Provided entries Start Marker
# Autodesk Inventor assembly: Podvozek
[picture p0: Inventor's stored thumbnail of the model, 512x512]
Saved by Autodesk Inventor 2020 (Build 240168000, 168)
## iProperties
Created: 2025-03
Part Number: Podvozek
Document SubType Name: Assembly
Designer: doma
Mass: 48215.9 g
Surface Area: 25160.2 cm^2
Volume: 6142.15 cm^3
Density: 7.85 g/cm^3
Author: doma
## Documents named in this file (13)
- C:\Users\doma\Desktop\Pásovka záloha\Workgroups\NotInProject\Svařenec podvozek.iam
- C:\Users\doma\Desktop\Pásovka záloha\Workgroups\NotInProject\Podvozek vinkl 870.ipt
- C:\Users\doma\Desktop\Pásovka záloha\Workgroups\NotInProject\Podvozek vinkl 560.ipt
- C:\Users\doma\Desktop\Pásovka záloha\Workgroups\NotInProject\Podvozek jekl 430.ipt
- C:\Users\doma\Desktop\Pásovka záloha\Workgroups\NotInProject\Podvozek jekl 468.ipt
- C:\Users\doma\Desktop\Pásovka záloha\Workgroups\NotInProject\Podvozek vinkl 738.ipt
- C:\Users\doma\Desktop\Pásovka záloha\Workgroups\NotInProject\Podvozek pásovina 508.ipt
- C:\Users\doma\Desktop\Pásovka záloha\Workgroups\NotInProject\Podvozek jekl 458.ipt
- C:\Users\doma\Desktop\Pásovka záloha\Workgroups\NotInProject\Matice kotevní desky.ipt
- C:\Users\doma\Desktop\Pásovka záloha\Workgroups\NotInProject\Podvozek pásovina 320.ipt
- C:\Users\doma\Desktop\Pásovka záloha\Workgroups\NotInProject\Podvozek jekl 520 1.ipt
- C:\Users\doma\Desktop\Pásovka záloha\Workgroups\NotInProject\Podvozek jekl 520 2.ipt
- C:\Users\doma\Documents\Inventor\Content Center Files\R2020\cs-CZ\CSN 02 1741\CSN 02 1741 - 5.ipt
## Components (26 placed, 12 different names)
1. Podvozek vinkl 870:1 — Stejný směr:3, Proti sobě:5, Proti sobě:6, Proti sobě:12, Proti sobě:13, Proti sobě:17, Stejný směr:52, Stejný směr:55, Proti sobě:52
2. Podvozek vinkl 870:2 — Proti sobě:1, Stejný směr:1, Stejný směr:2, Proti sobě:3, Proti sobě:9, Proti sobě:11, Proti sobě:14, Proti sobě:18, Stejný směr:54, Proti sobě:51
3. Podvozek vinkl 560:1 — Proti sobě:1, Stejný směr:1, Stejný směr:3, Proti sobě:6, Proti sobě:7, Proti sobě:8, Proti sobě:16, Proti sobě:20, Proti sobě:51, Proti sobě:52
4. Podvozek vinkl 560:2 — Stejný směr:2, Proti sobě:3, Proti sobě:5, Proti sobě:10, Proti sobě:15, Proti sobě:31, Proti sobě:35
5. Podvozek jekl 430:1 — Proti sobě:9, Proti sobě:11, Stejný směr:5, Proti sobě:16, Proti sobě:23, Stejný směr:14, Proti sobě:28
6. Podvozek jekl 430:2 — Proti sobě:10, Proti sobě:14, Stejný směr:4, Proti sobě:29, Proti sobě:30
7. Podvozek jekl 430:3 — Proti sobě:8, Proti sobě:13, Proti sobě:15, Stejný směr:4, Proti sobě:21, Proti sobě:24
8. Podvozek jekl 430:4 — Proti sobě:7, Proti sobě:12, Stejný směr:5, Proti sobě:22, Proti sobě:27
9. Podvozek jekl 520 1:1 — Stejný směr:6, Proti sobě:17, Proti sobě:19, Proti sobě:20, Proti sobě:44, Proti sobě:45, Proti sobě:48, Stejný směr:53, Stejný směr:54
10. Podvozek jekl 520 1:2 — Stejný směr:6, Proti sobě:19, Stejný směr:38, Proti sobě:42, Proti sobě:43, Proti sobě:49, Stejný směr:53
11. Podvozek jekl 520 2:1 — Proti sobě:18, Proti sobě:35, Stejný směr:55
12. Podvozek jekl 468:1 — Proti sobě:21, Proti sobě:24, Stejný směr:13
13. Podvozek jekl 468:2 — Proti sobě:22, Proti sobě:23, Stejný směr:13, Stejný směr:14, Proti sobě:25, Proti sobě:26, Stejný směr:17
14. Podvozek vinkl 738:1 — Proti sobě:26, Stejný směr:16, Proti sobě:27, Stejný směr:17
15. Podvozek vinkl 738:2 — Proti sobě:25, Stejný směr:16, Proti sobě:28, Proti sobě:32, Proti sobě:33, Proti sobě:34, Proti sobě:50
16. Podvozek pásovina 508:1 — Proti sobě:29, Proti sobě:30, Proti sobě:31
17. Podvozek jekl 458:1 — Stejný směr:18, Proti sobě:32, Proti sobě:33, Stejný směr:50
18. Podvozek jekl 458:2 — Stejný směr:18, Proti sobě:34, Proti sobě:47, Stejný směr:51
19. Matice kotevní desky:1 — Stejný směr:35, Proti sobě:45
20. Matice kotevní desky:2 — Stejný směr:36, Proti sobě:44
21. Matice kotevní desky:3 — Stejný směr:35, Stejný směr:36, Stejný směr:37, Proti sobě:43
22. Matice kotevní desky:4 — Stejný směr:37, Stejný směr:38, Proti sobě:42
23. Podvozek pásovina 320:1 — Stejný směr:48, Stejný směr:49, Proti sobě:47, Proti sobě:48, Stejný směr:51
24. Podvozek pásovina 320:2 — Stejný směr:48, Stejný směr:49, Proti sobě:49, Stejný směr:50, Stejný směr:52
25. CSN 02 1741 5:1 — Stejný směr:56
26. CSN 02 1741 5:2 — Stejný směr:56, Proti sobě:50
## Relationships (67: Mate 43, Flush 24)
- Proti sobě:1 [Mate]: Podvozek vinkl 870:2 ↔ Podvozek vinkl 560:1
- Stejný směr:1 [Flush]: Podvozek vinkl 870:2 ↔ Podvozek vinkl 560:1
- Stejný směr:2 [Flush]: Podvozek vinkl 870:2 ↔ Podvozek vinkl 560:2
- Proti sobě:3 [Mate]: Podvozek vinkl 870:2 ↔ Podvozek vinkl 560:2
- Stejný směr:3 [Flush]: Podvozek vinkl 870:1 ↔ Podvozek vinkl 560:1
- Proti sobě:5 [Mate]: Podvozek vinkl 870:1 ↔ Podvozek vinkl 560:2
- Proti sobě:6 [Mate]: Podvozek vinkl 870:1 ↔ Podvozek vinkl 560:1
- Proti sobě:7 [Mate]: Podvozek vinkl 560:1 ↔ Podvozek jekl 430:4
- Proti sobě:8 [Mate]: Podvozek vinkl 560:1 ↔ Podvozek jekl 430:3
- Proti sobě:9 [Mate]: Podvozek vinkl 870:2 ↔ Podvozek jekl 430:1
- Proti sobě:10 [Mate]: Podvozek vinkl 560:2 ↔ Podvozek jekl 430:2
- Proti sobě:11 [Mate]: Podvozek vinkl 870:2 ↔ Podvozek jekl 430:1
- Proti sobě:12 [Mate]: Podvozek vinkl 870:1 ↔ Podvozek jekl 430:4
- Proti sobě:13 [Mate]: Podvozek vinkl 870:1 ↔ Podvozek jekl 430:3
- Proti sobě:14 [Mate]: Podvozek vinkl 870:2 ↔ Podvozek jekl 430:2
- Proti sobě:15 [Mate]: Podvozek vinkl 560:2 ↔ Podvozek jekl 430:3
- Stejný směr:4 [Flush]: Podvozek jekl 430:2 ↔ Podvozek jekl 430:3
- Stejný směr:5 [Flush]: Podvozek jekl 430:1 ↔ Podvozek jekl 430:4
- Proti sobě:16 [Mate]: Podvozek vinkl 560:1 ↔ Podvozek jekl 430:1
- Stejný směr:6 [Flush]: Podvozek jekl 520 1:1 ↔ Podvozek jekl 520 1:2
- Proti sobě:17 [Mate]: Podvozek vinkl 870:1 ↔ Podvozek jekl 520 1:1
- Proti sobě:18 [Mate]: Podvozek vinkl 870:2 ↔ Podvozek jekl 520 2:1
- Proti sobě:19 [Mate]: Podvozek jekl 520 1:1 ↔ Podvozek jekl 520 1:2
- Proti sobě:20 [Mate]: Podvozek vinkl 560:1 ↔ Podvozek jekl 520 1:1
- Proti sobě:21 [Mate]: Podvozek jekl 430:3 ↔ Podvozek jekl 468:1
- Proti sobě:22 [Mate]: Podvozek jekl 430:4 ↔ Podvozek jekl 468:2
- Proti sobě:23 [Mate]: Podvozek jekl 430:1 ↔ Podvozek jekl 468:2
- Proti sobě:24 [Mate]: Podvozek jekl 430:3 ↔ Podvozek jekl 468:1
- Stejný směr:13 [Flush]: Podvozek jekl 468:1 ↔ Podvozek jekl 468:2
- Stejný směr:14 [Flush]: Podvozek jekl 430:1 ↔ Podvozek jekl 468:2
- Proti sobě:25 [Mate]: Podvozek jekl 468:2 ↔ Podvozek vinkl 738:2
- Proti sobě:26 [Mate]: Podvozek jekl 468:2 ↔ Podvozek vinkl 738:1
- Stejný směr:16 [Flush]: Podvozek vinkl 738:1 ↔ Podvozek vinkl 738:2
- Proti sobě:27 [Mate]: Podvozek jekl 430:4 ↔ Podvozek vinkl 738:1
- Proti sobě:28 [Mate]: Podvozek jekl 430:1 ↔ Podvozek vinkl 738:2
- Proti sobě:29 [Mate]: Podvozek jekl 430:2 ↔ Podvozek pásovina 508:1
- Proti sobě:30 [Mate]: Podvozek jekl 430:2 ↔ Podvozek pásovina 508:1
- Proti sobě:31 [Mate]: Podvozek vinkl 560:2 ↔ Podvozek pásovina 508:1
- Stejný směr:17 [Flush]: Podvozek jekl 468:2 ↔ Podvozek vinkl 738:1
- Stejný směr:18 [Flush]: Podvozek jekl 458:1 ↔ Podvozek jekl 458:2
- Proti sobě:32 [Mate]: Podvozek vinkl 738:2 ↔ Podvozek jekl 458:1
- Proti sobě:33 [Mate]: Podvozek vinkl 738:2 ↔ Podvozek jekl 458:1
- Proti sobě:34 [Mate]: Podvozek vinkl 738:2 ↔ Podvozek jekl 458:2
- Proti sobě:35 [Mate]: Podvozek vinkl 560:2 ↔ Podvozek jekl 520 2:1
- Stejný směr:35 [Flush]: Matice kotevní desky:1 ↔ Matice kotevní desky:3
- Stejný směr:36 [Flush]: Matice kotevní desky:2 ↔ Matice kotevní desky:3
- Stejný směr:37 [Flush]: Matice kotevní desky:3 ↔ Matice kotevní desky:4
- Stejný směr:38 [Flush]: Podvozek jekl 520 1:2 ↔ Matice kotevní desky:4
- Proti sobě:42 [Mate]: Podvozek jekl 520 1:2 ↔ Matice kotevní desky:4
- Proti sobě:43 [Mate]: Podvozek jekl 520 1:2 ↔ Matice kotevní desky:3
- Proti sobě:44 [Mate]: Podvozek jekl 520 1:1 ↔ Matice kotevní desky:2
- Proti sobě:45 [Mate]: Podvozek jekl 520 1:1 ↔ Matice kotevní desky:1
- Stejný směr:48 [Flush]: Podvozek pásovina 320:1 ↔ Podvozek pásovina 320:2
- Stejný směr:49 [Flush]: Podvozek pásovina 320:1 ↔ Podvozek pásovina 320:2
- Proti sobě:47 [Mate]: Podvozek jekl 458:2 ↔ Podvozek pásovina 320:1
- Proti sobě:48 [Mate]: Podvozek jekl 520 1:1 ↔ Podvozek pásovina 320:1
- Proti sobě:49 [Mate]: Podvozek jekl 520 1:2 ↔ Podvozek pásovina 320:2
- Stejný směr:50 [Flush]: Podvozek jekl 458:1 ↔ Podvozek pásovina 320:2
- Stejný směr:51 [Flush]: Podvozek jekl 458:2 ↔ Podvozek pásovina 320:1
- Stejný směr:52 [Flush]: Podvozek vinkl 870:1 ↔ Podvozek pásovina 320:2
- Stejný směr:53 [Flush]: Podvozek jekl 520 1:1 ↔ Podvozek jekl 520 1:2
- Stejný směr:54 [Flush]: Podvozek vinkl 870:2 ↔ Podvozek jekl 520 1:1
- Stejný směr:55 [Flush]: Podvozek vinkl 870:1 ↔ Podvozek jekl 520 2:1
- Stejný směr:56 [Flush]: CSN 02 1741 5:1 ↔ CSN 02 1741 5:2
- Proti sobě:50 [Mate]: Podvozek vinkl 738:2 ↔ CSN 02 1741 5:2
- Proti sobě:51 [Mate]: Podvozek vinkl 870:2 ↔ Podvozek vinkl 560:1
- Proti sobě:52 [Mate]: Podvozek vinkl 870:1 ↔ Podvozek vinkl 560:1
Provided entries End Marker
**Your goal:** From the entries above, print the lines beginning at the one with "- Proti sobě:14" and stopping after the one with "- Stejný směr:6", exactly as written and with nothing else.

**Result of this exercise:**
- Proti sobě:14 [Mate]: Podvozek vinkl 870:2 ↔ Podvozek jekl 430:2
- Proti sobě:15 [Mate]: Podvozek vinkl 560:2 ↔ Podvozek jekl 430:3
- Stejný směr:4 [Flush]: Podvozek jekl 430:2 ↔ Podvozek jekl 430:3
- Stejný směr:5 [Flush]: Podvozek jekl 430:1 ↔ Podvozek jekl 430:4
- Proti sobě:16 [Mate]: Podvozek vinkl 560:1 ↔ Podvozek jekl 430:1
- Stejný směr:6 [Flush]: Podvozek jekl 520 1:1 ↔ Podvozek jekl 520 1:2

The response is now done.